Here is some examples of a more open setup for these dependencies:
host:
- r-base >=4.1.3
- bioconductor-biobase >=2.54.0
- bioconductor-biocgenerics >=0.40.0
- bioconductor-geomxtools >=3.1.1
- bioconductor-nanostringnctools >=1.2.0
- bioconductor-spatialdecon =1.4.3
- bioconductor-complexheatmap >=2.10.0
- r-cowplot >=1.1.1
- r-dplyr >=1.0.9
- r-ggforce >=0.3.4
- r-ggplot2 >=3.3.6
- r-gridextra >=2.3
- r-gtable >=0.3.0
- r-knitr >=1.40
- r-patchwork >=1.1.2
- r-reshape2 >=1.4.4
- r-scales >=1.2.1
- r-tibble >=3.1.8
- r-tidyr >=1.2.1
- r-umap >=0.2.9.0
- r-rtsne >=0.16
- r-magrittr >=2.0.3
- r-rlang >=1.1.0
Build the Conda package¶
When the meta.yaml
has been prepared, you can now build the Conda package. To do so, run the command, replacing
$r-package
with the name of the R package folder that was created after running conda skeleton (the folder where the meta.yaml is located).$build_log_name.log
with the name for the log file, such as the date, time, and initials.

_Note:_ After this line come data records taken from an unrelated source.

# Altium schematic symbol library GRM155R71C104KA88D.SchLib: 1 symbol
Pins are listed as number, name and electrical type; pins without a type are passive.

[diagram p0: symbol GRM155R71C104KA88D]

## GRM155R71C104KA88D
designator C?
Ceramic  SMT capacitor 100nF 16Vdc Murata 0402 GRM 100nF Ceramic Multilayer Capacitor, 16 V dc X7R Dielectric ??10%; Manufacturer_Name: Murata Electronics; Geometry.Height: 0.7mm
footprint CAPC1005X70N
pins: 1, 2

conda-build $r-package 2>&1|tee $build_log_name.log
Example
conda-build r-dspworkflow 2>&1|tee 05_12_23_330_nc.log
The log file will list how conda has built the package, including what dependencies version numbers and corresponding build strings were used to resolve the conda environment. These dependencies are what we specified in the "meta.yaml" file. The log file will be useful troubleshooting a failed build.
Be aware, the build can take anywhere from several minutes to an hour to complete, depending on the size of the package and the number of dependencies.
The conda package will be built as a tar.bz2 file.